Please copy each line of the records below that includes the word "layer".

[TASK INPUTS]
◆ ◆ ◆ ◆

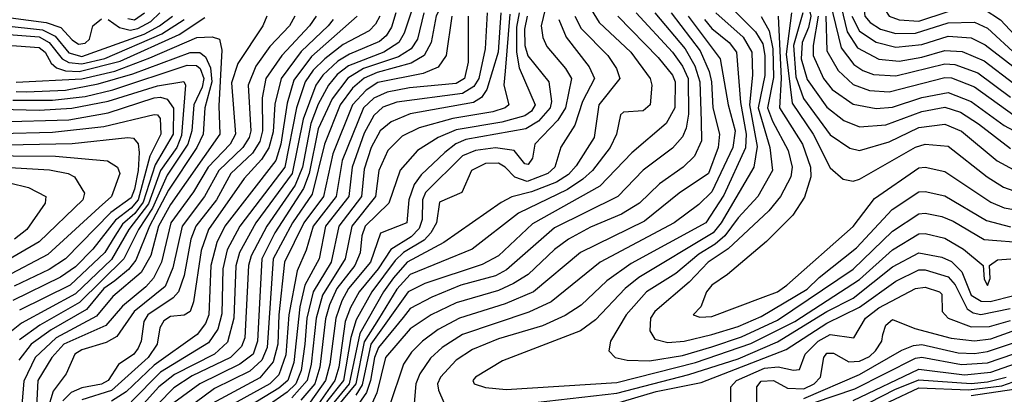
# Model space of a CAD drawing. Extents: x 501367 to 657802, y 482273 to 547541.
# Tile 681 of 714: x 637915 to 640916, y 489543 to 490684. Entities that reach past the tile are written whole.
import ezdxf

# ---------------------------------------------------------------- set-up
doc = ezdxf.new("R2010")
doc.units = 0

msp = doc.modelspace()

# ---------------------------------------------------------------- linework, layer by layer
at = {"layer": '0CON20XD'}
for points in [[(639938.1, 491401.9), (639987.9, 491377.9), (640035, 491340.5), (640232.2, 491145), (640279.4, 491075), (640284.9, 491045), (640271.7, 490975), (640269.7, 490895), (640305, 490784.8), (640326.2, 490695), (640319.5, 490660.5), (640300.2, 490615), (640296.6, 490565), (640315, 490502.2), (640375, 490417.8), (640426.6, 490376.6), (640475, 490357.3), (640555, 490363.9), (640665, 490404.2), (640735, 490417.3), (640782.2, 490402.2), (640837.1, 490367.1), (640935, 490291.8)], [(640458.3, 491098.3), (640455.5, 491055), (640427, 490985), (640428.5, 490935), (640454.4, 490824.4), (640481.6, 490775), (640490.9, 490695), (640507, 490675), (640538.9, 490655), (640585, 490641.6), (640645, 490642.7), (640745, 490674.5), (640825, 490676.6), (640865, 490658), (640955.1, 490575)], [(640442.4, 490962.4), (640446.8, 490925), (640465, 490864.8), (640492.1, 490822.1), (640545.1, 490775), (640551.7, 490715), (640564.9, 490694.9), (640595, 490683.6), (640655, 490679.3), (640745, 490708.7), (640815, 490719.5), (640855, 490715.8), (640903.9, 490683.9), (640975, 490607.5)], [(639031.1, 490921.1), (639187.7, 490845), (639217.8, 490807.8), (639224.7, 490775), (639185, 490695.9), (639169.4, 490615), (639148.3, 490575), (639108.4, 490551.6), (639005, 490522.7), (638965, 490505.4), (638930, 490475), (638892, 490425), (638843.8, 490305), (638807.1, 490152.9), (638746.6, 490065), (638687.9, 489955), (638669.8, 489685), (638653.4, 489646.6), (638617, 489613), (638509.4, 489560.6), (638395, 489476.2)], [(639551.9, 490865), (639504.3, 490665), (639509.9, 490629.9), (639522.2, 490602.2), (639579, 490535), (639597, 490505), (639579, 490415), (639555, 490377.5), (639485.6, 490305), (639478, 490262), (639465, 490243.1), (639455, 490244.7), (639422.1, 490285), (639365, 490293.9), (639304.9, 490285.1), (639265, 490269), (639152.5, 490157.5), (639142.9, 490135), (639142.1, 490075), (639132.6, 490047.4), (639107.9, 490022.1), (639046.1, 489983.9), (639007.8, 489925), (638949.6, 489855), (638923, 489807), (638907.3, 489765), (638888.4, 489625), (638876.1, 489585), (638805, 489483.4)], [(639130.9, 490775), (639087.4, 490642.6), (639070.4, 490615), (639024.9, 490585.1), (638917, 490543), (638883.1, 490516.9), (638856.4, 490485), (638825, 490426.6), (638802.2, 490367.8), (638776.9, 490235), (638755, 490180.3), (638668.1, 490055), (638620.4, 489965), (638612.8, 489935), (638601.4, 489715), (638591.7, 489688.3), (638557.7, 489655), (638441.4, 489598.6), (638385, 489562.3), (638241, 489415)], [(640376.3, 490775), (640418.5, 490598.5), (640457.2, 490547.2), (640485, 490528.9), (640517.5, 490517.5), (640585, 490512.7), (640735, 490549.7), (640765, 490547.7), (640835, 490522.4), (640935, 490447.7)], [(640406.6, 490775), (640437.1, 490647.1), (640468.5, 490598.5), (640533.6, 490563.6), (640595, 490557.7), (640665, 490569.7), (640735, 490590.5), (640787.1, 490587.1), (640855, 490558.7), (640945, 490489.5)], [(640071.9, 490731.9), (640157.5, 490647.5), (640180.1, 490610.1), (640186.5, 490575), (640185.7, 490514.3), (640165.9, 490415), (640201.7, 490295), (640209.7, 490225), (640165.2, 490145), (640105, 490080.5), (640064, 490025), (640035, 490000.4), (639985, 489969.3), (639915, 489910.6), (639825.2, 489855), (639763.7, 489785), (639716.2, 489705), (639711.1, 489675), (639730, 489655), (639766.8, 489646.8), (639835, 489644.9), (639935, 489660.7), (640025, 489687), (640115, 489717.9), (640225, 489768.2), (640455, 489924.1), (640575, 490039.7), (640655, 490092.7), (640675, 490094.5), (640725, 490084.8), (640759.9, 490069.9), (640855, 490014.3), (640983.7, 490003.7)], [(637735, 490680.6), (637985, 490653.5), (638023.6, 490633.6), (638065, 490582.7), (638105, 490571.8), (638295, 490639.9), (638341.8, 490665), (638381, 490695)], [(637765, 490705.7), (637995.7, 490675.7), (638040.7, 490660.7), (638075, 490622.3), (638095, 490609.2), (638115, 490612.9), (638128, 490625), (638137.9, 490665), (638165, 490686.4)], [(638668.8, 490695), (638656.2, 490665), (638579.8, 490550.2), (638561.3, 490491.3), (638573.5, 490335), (638556.3, 490305), (638490.2, 490235), (638445, 490160), (638375.8, 490065), (638347.3, 489945), (638323.1, 489896.9), (638300.1, 489869.9), (638228.5, 489811.5), (638177.6, 489752.4), (638050.1, 489695), (638013.2, 489655), (637971, 489585), (637966.5, 489505)], [(638753.8, 490695), (638737.8, 490665), (638677.9, 490602.1), (638635, 490542.5), (638611.4, 490485), (638619.4, 490345), (638614.2, 490325), (638595.1, 490295), (638521.8, 490225), (638478.4, 490145), (638410.5, 490055), (638382.2, 489927.8), (638359, 489871), (638263.8, 489795), (638211.4, 489718.6), (638179.2, 489700.8), (638105, 489678.6), (638083.4, 489665), (638057.2, 489605), (638017.9, 489552.1), (638000.3, 489495)], [(638818.9, 490695), (638798.3, 490665), (638714.6, 490575.4), (638665.6, 490505), (638654.3, 490445.7), (638655.6, 490345), (638647.4, 490312.6), (638625, 490277.7), (638559, 490215), (638515, 490135.5), (638452.4, 490055), (638437.3, 490015), (638416.7, 489905), (638399.7, 489855), (638383, 489837), (638305.7, 489785), (638293.9, 489765), (638285.9, 489705), (638276.7, 489683.3), (638262.9, 489665), (638216.9, 489633.1), (638185.4, 489585), (638165, 489573.5), (638105, 489562.1), (638072.1, 489547.9), (638047, 489523)], [(638185, 490685.1), (638219.8, 490660.2), (638252.1, 490652.1), (638275, 490656.7), (638315, 490678.5), (638342.4, 490705)], [(638944, 490695), (638805, 490572.1), (638750.6, 490499.4), (638730.2, 490429.8), (638711.1, 490305), (638695.7, 490255), (638540.1, 490055), (638515.7, 490005), (638497.9, 489935), (638491.4, 489785), (638481.9, 489758.1), (638455.9, 489725), (638325, 489631.4), (638240.1, 489549.9), (638195, 489521.9)], [(638245, 490687.6), (638265, 490683.6), (638296.1, 490705)], [(639012.6, 490695), (638999.9, 490670.1), (638980.2, 490649.8), (638901.2, 490608.8), (638845.1, 490565), (638810, 490530), (638785.8, 490495), (638759, 490415), (638723.8, 490235), (638586, 490055), (638547.6, 489982.4), (638534, 489925), (638531.7, 489788.3), (638519, 489741), (638490.9, 489699.1), (638345, 489609.9), (638255, 489519.5)], [(639061.8, 490705), (639048.3, 490661.7), (639031.8, 490635), (639012.3, 490617.7), (638920.8, 490579.2), (638885, 490557.6), (638839.2, 490515), (638818.1, 490485), (638779.1, 490380.9), (638746.2, 490215), (638635.4, 490064.6), (638584.8, 489974.8), (638574, 489934), (638568.1, 489775), (638548.7, 489701.3), (638509.2, 489665), (638387, 489603), (638339.2, 489565)], [(639146.5, 490705), (639127.3, 490625), (639108.8, 490595), (639069.5, 490570.5), (638962.9, 490535), (638915, 490505.5), (638867.6, 490442.4), (638825, 490351.6), (638797.1, 490215), (638780.2, 490169.8), (638692.5, 490035), (638653, 489955), (638640.3, 489705), (638626.5, 489665), (638586, 489634), (638464.2, 489575), (638385, 489516.7)], [(639231.8, 490695), (639214.8, 490575), (639190.2, 490539.8), (639145, 490520), (639007.3, 490492.7), (638971, 490469), (638929.4, 490425), (638869.7, 490275), (638841.2, 490145), (638780.8, 490065), (638722.7, 489945), (638705.1, 489784.9), (638701.8, 489695), (638688.1, 489641.9), (638647.1, 489592.9), (638501.8, 489515)], [(639282, 490695), (639282.1, 490555), (639271.3, 490505), (639245, 490490.1), (639103.1, 490476.9), (639035, 490463.5), (638995, 490444.5), (638963.4, 490415), (638897.7, 490255), (638879.4, 490145), (638809.5, 490055), (638788.1, 489981.9), (638761, 489919), (638735.2, 489785), (638726.8, 489663.2), (638705, 489602.5), (638677.6, 489575), (638528.1, 489491.9)], [(639382.1, 490705), (639373.6, 490585), (639338.5, 490471.5), (639323, 490447), (639298.5, 490431.5), (639105, 490397.2), (639047.3, 490372.7), (639014.3, 490345), (638986.5, 490295), (638965, 490228.2), (638957.1, 490145), (638887.5, 490055), (638864.5, 489945), (638809.4, 489855), (638790.7, 489775), (638784.5, 489695.5), (638773.2, 489615), (638757.4, 489575), (638730.4, 489549.6), (638539, 489415)], [(639339.9, 490705), (639334.2, 490595), (639314.9, 490505), (639299.8, 490480.2), (639265, 490459.1), (639065, 490432.3), (639022.3, 490417.7), (638995, 490392.1), (638965, 490338.3), (638928.3, 490235), (638918, 490145), (638847.5, 490055), (638828.2, 489955), (638784.4, 489875.6), (638768.8, 489808.8), (638750.9, 489639.1), (638732.7, 489585), (638705, 489560.9), (638551.9, 489468.1)], [(639408.9, 490701.1), (639395, 490526.7), (639390.3, 490485), (639406.3, 490425), (639395.3, 490415), (639357, 490403), (639235, 490383.2), (639133.2, 490355), (639081, 490329), (639037.6, 490285), (639009.9, 490225), (638999.2, 490145), (638927.5, 490055), (638907.5, 489955), (638838.2, 489845), (638818.5, 489775), (638803.3, 489635), (638791.6, 489585), (638745, 489531.6)], [(639437.3, 490705), (639429, 490661), (639429.7, 490585), (639437, 490537), (639486.1, 490425), (639474.9, 490405), (639455, 490391.1), (639385, 490371.5), (639245, 490348.9), (639190.5, 490325), (639127.4, 490285), (639074.9, 490225.1), (639040, 490125), (638967.7, 490055), (638958.1, 490025), (638953.4, 489973.5), (638936.9, 489935), (638881.6, 489865), (638859.8, 489815), (638847.5, 489772.5), (638829.6, 489625), (638814.4, 489575), (638772.2, 489525)], [(639462.3, 490695), (639453.8, 490655), (639454.8, 490605), (639463.5, 490573.5), (639527.9, 490495), (639536.4, 490435), (639532.3, 490415), (639496, 490375), (639458.2, 490351.8), (639275, 490319), (639244.3, 490305.7), (639210.7, 490279.3), (639138.7, 490211.3), (639117.6, 490182.4), (639101.5, 490135), (639095.5, 490065), (639015, 490033.8), (638984.1, 489945), (638917.9, 489865), (638897.1, 489827.1), (638878.3, 489775), (638860.8, 489635), (638847.6, 489585), (638801, 489519)], [(639607.5, 490695), (639626.7, 490656.7), (639707.2, 490575), (639733.6, 490535), (639744.4, 490505), (639680.2, 490425), (639666.4, 490325), (639610.8, 490239.2), (639588, 490212), (639551.1, 490188.9), (639475, 490159.1), (639415.6, 490144.4), (639382.7, 490127.3), (639207.8, 490005), (639095.7, 489945), (639055, 489897.2), (639024.4, 489855), (638952.4, 489727.6), (638919.1, 489575), (638863.1, 489506.9)], [(639656.4, 490715), (639681.7, 490675), (639777.8, 490585), (639836.5, 490505), (639841.6, 490485), (639836.4, 490425), (639815, 490406.6), (639755, 490401.9), (639746.1, 490393.9), (639734.5, 490335), (639714.9, 490295.1), (639661, 490225), (639631.8, 490198.2), (639585, 490166.7), (639435.8, 490094.2), (639294.1, 489985), (639105, 489907.7), (639065, 489863.1), (639008.9, 489771.1), (638965, 489702.1), (638940.2, 489575), (638882, 489505)], [(639793.6, 490705), (639904.9, 490584.9), (639935, 490542.7), (639952.3, 490505), (639953.5, 490396.5), (639946.3, 490353.7), (639935, 490327.6), (639905, 490292.7), (639815, 490226), (639738.3, 490145), (639545, 490050.1), (639398.5, 489921.5), (639365, 489904.1), (639260, 489875), (639171.4, 489838.6), (639105, 489803.7), (639083.5, 489776.5), (639008.5, 489685), (638996.3, 489655), (638984.6, 489585), (638971.8, 489548.1), (638905, 489452)], [(639738.2, 490695), (639861.2, 490568.8), (639904.6, 490515), (639913.1, 490495), (639911.7, 490415), (639885, 490367.4), (639781.3, 490278.7), (639682.9, 490177.1), (639477.8, 490062.2), (639375, 489964.2), (639325, 489938), (639150.1, 489879.9), (639099.7, 489855), (638985, 489695.1), (638958.9, 489571.1), (638940.1, 489539.9)], [(639850.4, 490705), (639943.4, 490595), (639973, 490543), (639988.2, 490495), (639992.4, 490375), (639992.7, 490315), (639971.8, 490268.2), (639936.9, 490235), (639865, 490183.5), (639803.9, 490125), (639748.9, 490091.1), (639655, 490051.4), (639587.8, 490015), (639545, 489983.7), (639465, 489907.8), (639420.2, 489879.8), (639375, 489859.2), (639245, 489820.9), (639169.7, 489785), (639105, 489742.1), (639030.3, 489655), (639003.3, 489546.7), (638943.5, 489415)], [(639900.7, 490705), (639988.8, 490588.8), (640016, 490526), (640024, 490495), (640027.3, 490415), (640048.2, 490335), (640043.5, 490295), (640014.5, 490215), (639925, 490155.9), (639819.8, 490070.2), (639624.7, 489975), (639480.8, 489855), (639395, 489818), (639255.3, 489774.7), (639190.3, 489739.7), (639142.7, 489705), (639109.3, 489670.7), (639085.5, 489634.4), (639041.6, 489505)], [(639952.3, 490695), (640050.3, 490565), (640074.6, 490425), (640096.2, 490345), (640089.1, 490295), (640025, 490159.7), (639985, 490121.2), (639910.3, 490065), (639684.3, 489945.7), (639535.5, 489824.5), (639466.9, 489793.1), (639265, 489724.6), (639203.3, 489685), (639167.3, 489652.7), (639134.9, 489605.1), (639122.3, 489575), (639117.8, 489515)], [(640037.1, 490705), (640120.3, 490630.3), (640146, 490585), (640148.4, 490515), (640139.7, 490425), (640162.6, 490297.4), (640152.6, 490235), (640053.1, 490065), (640028.6, 490035), (639801.7, 489898.3), (639760.7, 489865), (639670.3, 489769.7), (639624.4, 489735.6), (639386.7, 489645), (639304.5, 489595), (639296.5, 489585), (639300, 489575), (639335, 489563), (639397.4, 489557.4), (639735, 489578.9), (639975, 489639.4), (640143, 489697), (640277.1, 489765), (640475, 489892.6), (640575, 489983.2), (640655, 490031.1), (640675, 490032.1), (640735, 490018), (640791.1, 489985), (640851.5, 489935), (640855, 489893.3), (640865, 489874.5), (640872.9, 489895), (640870.6, 489935), (640895, 489951.9), (640935.4, 489955.4)], [(640226.9, 490695), (640235.4, 490504.6), (640230.8, 490415), (640301.4, 490305), (640325.4, 490235), (640326.6, 490205), (640307.2, 490142.8), (640271.4, 490088.6), (640191.4, 490008.6), (640072.2, 489907.8), (640024.1, 489875), (640007.9, 489855), (639990.9, 489809.1), (639967.5, 489785), (639987.6, 489777.6), (640025, 489779.8), (640181.3, 489838.7), (640224.7, 489855), (640252.9, 489875), (640455, 490053.8), (640520.3, 490139.7), (640655, 490232.8), (640675, 490234.8), (640735, 490221.6), (640875, 490128.5), (640915, 490110.7), (640945, 490105.4)], [(640267.6, 490705), (640251.4, 490578.6), (640269.2, 490429.2), (640333, 490335), (640385, 490232.3), (640425, 490198.2), (640455, 490192.1), (640475, 490198), (640645, 490296.1), (640674.8, 490304.8), (640745, 490299), (640863.3, 490205), (640913.6, 490173.6), (640945, 490162.7)], [(640302, 490705), (640273.7, 490605), (640280.2, 490510.2), (640304.4, 490444.4), (640385, 490333.5), (640445, 490292.6), (640475, 490285.6), (640565, 490312.1), (640655, 490355.3), (640735, 490365.4), (640785, 490344.8), (640894.3, 490254.3), (640945, 490226.7)], [(640349.1, 490695), (640333.5, 490605), (640333.8, 490575), (640364.6, 490505), (640391.8, 490471.8), (640455, 490426.4), (640525, 490413), (640575, 490417.5), (640665, 490447.1), (640745, 490462.6), (640815.2, 490435), (640915, 490361.5), (640958.7, 490338.7)], [(640372.1, 490695), (640375, 490588.9), (640409.4, 490529.4), (640455, 490486.1), (640505, 490467.8), (640565, 490463.9), (640735, 490508.1), (640755, 490506.6), (640825, 490479.1), (640945, 490393.6)], [(640450.9, 490695), (640475, 490649.1), (640525, 490615.1), (640585, 490599.9), (640665, 490608.7), (640745, 490634), (640815, 490628.5), (640857.4, 490607.4), (640981.8, 490511.8)], [(637725, 490617.5), (637975, 490599.2), (637993, 490585), (638011.7, 490551.7), (638027.8, 490537.8), (638055, 490527.8), (638096.2, 490526.2), (638222.1, 490557.9), (638401, 490639), (638479.5, 490690.5)], [(637735, 490649.8), (637975, 490631.7), (638004.9, 490615), (638045, 490565.1), (638065, 490553.6), (638105, 490549.3), (638175, 490565.3), (638349, 490641), (638416.8, 490685)], [(638870.4, 490685), (638855.1, 490665), (638772.9, 490587.1), (638712.1, 490505), (638693.2, 490426.8), (638687.4, 490342.6), (638675, 490293.3), (638652, 490258), (638599.7, 490200.3), (638490.5, 490045), (638468.7, 489981.3), (638445.4, 489824.6), (638434.8, 489795.2), (638416.3, 489783.7), (638375, 489779.7), (638355, 489766.7), (638342.5, 489745), (638334.1, 489695), (638306.8, 489655), (638195, 489554), (638105, 489526.2)], [(639558.4, 490685), (639580.4, 490630.4), (639650.6, 490540.6), (639667, 490505), (639630.9, 490435), (639607.2, 490362.8), (639564.8, 490295.2), (639545.9, 490235), (639524.8, 490215), (639461.4, 490191.4), (639424.2, 490204.2), (639395, 490235.2), (639375, 490247.1), (639335, 490245.9), (639292.2, 490225), (639262.8, 490157.2), (639195, 490127.8), (639185.2, 490065), (639168.4, 490035), (639147.7, 490012.3), (639085.5, 489974.5), (639059.9, 489950.1), (638988.5, 489855), (638940.7, 489769.3), (638924.3, 489715.7), (638902.4, 489585), (638850.6, 489519.4)], [(640002, 490685), (640025, 490657.4), (640077.2, 490615), (640099.7, 490585), (640112.2, 490432.2), (640129.3, 490335), (640126.9, 490293.1), (640060.7, 490149.3), (640006.6, 490065), (639778.6, 489941.4), (639705, 489887.9), (639626, 489814), (639577.5, 489782.5), (639508.3, 489751.7), (639375, 489711.5), (639295, 489678.7), (639245, 489646.3), (639197.3, 489595), (639188.5, 489575), (639191.9, 489555), (639208.2, 489518.2)], [(640175, 490693.5), (640199.8, 490650.2), (640210, 490595), (640212.4, 490507.6), (640194.6, 490415), (640209, 490375), (640256.8, 490285), (640269.6, 490235), (640265.8, 490205), (640234.2, 490145.8), (640198, 490102), (640074.5, 489985.5), (640013.9, 489945), (639955.6, 489884.4), (639851, 489795), (639837.7, 489775), (639835.9, 489735.9), (639851, 489711), (639890.7, 489700.7), (639940, 489705), (640025, 489725.3), (640105, 489749.5), (640175, 489780.2), (640315, 489862.6), (640351.4, 489898.6), (640465, 489988.8), (640574.1, 490105.9), (640655, 490159.2), (640675, 490160.6), (640735, 490147.7), (640862, 490072), (640935, 490052.6)], [(637905, 490493.3), (638105, 490504.1), (638205, 490527.4), (638311.9, 490568.1), (638455, 490629.4), (638501.9, 490631.9), (638524.7, 490624.7), (638531.4, 490591.4), (638522, 490422), (638525.6, 490335), (638375, 490121.3), (638338.7, 490055), (638314.8, 489965.2), (638286, 489914), (638198.8, 489841.1), (638149.1, 489780.9), (638026.7, 489715), (637962.4, 489655), (637927.6, 489582.4), (637913.3, 489403.3)], [(637905, 490464.9), (637935.7, 490464.3), (638055, 490469.8), (638155, 490488.8), (638260.5, 490519.5), (638435, 490584.2), (638464.5, 490584.5), (638481.2, 490571.2), (638497.1, 490537.1), (638501.1, 490495), (638479.5, 490415), (638474.8, 490334.8), (638455.7, 490295), (638368.8, 490165), (638311, 490055), (638268.9, 489951.1), (638247.1, 489922.9), (638205, 489888.9), (638171.5, 489865), (638118.6, 489801.4), (638010.9, 489739.1), (637950.7, 489695), (637913, 489647)], [(637895, 490438.8), (638015, 490439.2), (638115, 490450.3), (638199.4, 490470.6), (638425.9, 490545.9), (638454.2, 490544.2), (638465.2, 490535.2), (638476.6, 490505), (638471.7, 490478.3), (638445.6, 490424.4), (638440.3, 490345), (638428.2, 490305), (638365, 490210.5), (638320.1, 490109.9), (638277.5, 490045), (638233.1, 489955), (638097.4, 489822.6), (637976.6, 489753.4), (637915, 489709)], [(637815, 490412.7), (637975, 490408.3), (638074.5, 490414.5), (638185, 490435.4), (638335, 490482.5), (638415.6, 490495.6), (638420.4, 490485), (638409, 490331), (638394.1, 490295), (638345, 490224.4), (638307.5, 490122.5), (638247.7, 490045), (638195, 489953.6), (638085, 489849), (637920.7, 489759.3), (637890.4, 489735)], [(637635, 490366.7), (638065, 490379.1), (638185, 490400.7), (638325, 490445.8), (638345, 490447.8), (638365, 490441.8), (638384.4, 490414.4), (638383.2, 490335), (638328.4, 490241.6), (638291.7, 490128.3), (638266, 490094), (638228.9, 490061.1), (638205, 490024.3), (638174.5, 489975), (638068.9, 489875), (637915, 489798.8)], [(637695, 490333.7), (638015, 490341.4), (638171.4, 490358.6), (638325, 490394.7), (638335, 490394.6), (638343.1, 490383.1), (638346, 490335), (638312, 490268), (638276.4, 490135), (638255, 490110.1), (638206.9, 490073.1), (638138.7, 489985), (638085, 489930.9), (638040.1, 489899.9), (637895, 489828.4)], [(637635, 490302.7), (637926.3, 490303.7), (638075, 490306.5), (638245, 490325.2), (638262.7, 490322.7), (638276, 490306), (638279.2, 490279.2), (638276.5, 490225), (638265, 490167.6), (638255, 490140.8), (638193.2, 490096.8), (638055, 489955.1), (638005, 489923.1), (637898.2, 489871.8)], [(637635, 490271.1), (638025, 490268.5), (638183.5, 490253.5), (638213.9, 490235), (638220.8, 490215), (638195.5, 490145), (638157.7, 490112.3), (638001.1, 489968.9), (637870.3, 489899.7)], [(637815, 490237.5), (638006.2, 490226.2), (638062.9, 490215), (638082.5, 490205), (638112.8, 490155), (638108, 490135), (637975, 490007.1), (637825, 489921.2)], [(637825, 490201), (637942.4, 490172.4), (637995.3, 490145), (637992.9, 490125), (637937.2, 490045), (637899.5, 490015)], [(640815, 489539), (640945, 489558.3), (641024.9, 489585.1), (641221.9, 489678.1), (641295, 489706), (641566.8, 489756.8), (641741.1, 489828.9), (641845, 489884.2), (641940, 489945), (642025, 489978.5), (642225, 490013), (642650.7, 490000.7), (642683.3, 489985), (642687.9, 489945), (642633.4, 489865), (642516.6, 489773.4), (642345, 489688.1), (642295, 489654.9), (642209.3, 489575), (642166, 489495)], [(639415, 489509.1), (639735, 489546), (639955, 489602.9), (640105, 489650.9), (640225, 489702.4), (640375, 489795.3), (640455, 489835.7), (640575, 489930.6), (640655, 489973.5), (640725, 489961), (640755, 489947.2), (640786, 489916), (640815, 489844.9), (640845, 489826.5), (640873.1, 489825), (640945, 489844.2)], [(639725, 489512.6), (639855, 489551.7), (639991.7, 489578.3), (640250.8, 489679.2), (640375, 489759.5), (640475, 489808.2), (640585, 489887.1), (640655, 489921.4), (640675, 489921.4), (640745, 489901), (640765.9, 489875.9), (640803.1, 489803.1), (640821, 489791), (640844.2, 489785.9), (640934.1, 489804.1)], [(640082, 489515), (640082, 489565), (640099.4, 489585), (640185, 489622.3), (640226.3, 489626.3), (640273.4, 489616.6), (640291.3, 489618.7), (640308.7, 489665), (640348.9, 489705), (640385.1, 489725.1), (640457.5, 489715), (640492.8, 489775), (640533.4, 489806.6), (640645.4, 489865), (640675, 489869.2), (640718.6, 489855), (640725, 489847.5), (640726.5, 489795), (640745.3, 489775), (640815, 489748.2), (640870.9, 489749.1), (640935, 489767.4)], [(640161.6, 489515), (640161.6, 489565), (640175, 489582.8), (640212.9, 489585), (640255, 489561.4), (640305, 489559.7), (640336.1, 489575), (640355.5, 489595), (640366, 489655), (640375, 489668.1), (640395, 489668), (640441.7, 489641.7), (640475, 489643.9), (640505, 489657.8), (640523.2, 489675), (640543, 489705), (640545.6, 489724.4), (640555, 489753.6), (640575, 489770.8), (640642.9, 489742.9), (640753.7, 489713.7), (640825, 489705.3), (640875, 489712.1), (641005, 489758.4)], [(640305, 489530), (640475, 489602.7), (640603.2, 489676.8), (640638.7, 489691.3), (640665, 489694.1), (640775, 489668.8), (640825, 489666.9), (640865, 489672.8), (641005, 489720.3)], [(640154.4, 489455.6), (640460.7, 489559.3), (640645, 489652.3), (640665, 489655.6), (640785, 489633.3), (640865, 489638.7), (641025, 489693.8)], [(640455, 489524.1), (640655, 489619.3), (640795, 489601.7), (640875, 489609.8), (641025, 489663.2)], [(640465, 489497.3), (640582.2, 489557.8), (640655, 489587.2), (640815, 489575.7), (640865, 489580.2), (640921.9, 489595)], [(640475, 489477.1), (640655, 489562.4), (640806.7, 489556.7), (640908.8, 489568.8), (641011.8, 489605)], [(638339.2, 489565), (638265, 489483.5)]]:
    msp.add_lwpolyline(points, dxfattribs=at)

doc.saveas('drawing.dxf')

◆ ◆ ◆ ◆

[RESPONSE TO THE TASK]
# ---------------------------------------------------------------- linework, layer by layer
at = {"layer": '0CON20XD'}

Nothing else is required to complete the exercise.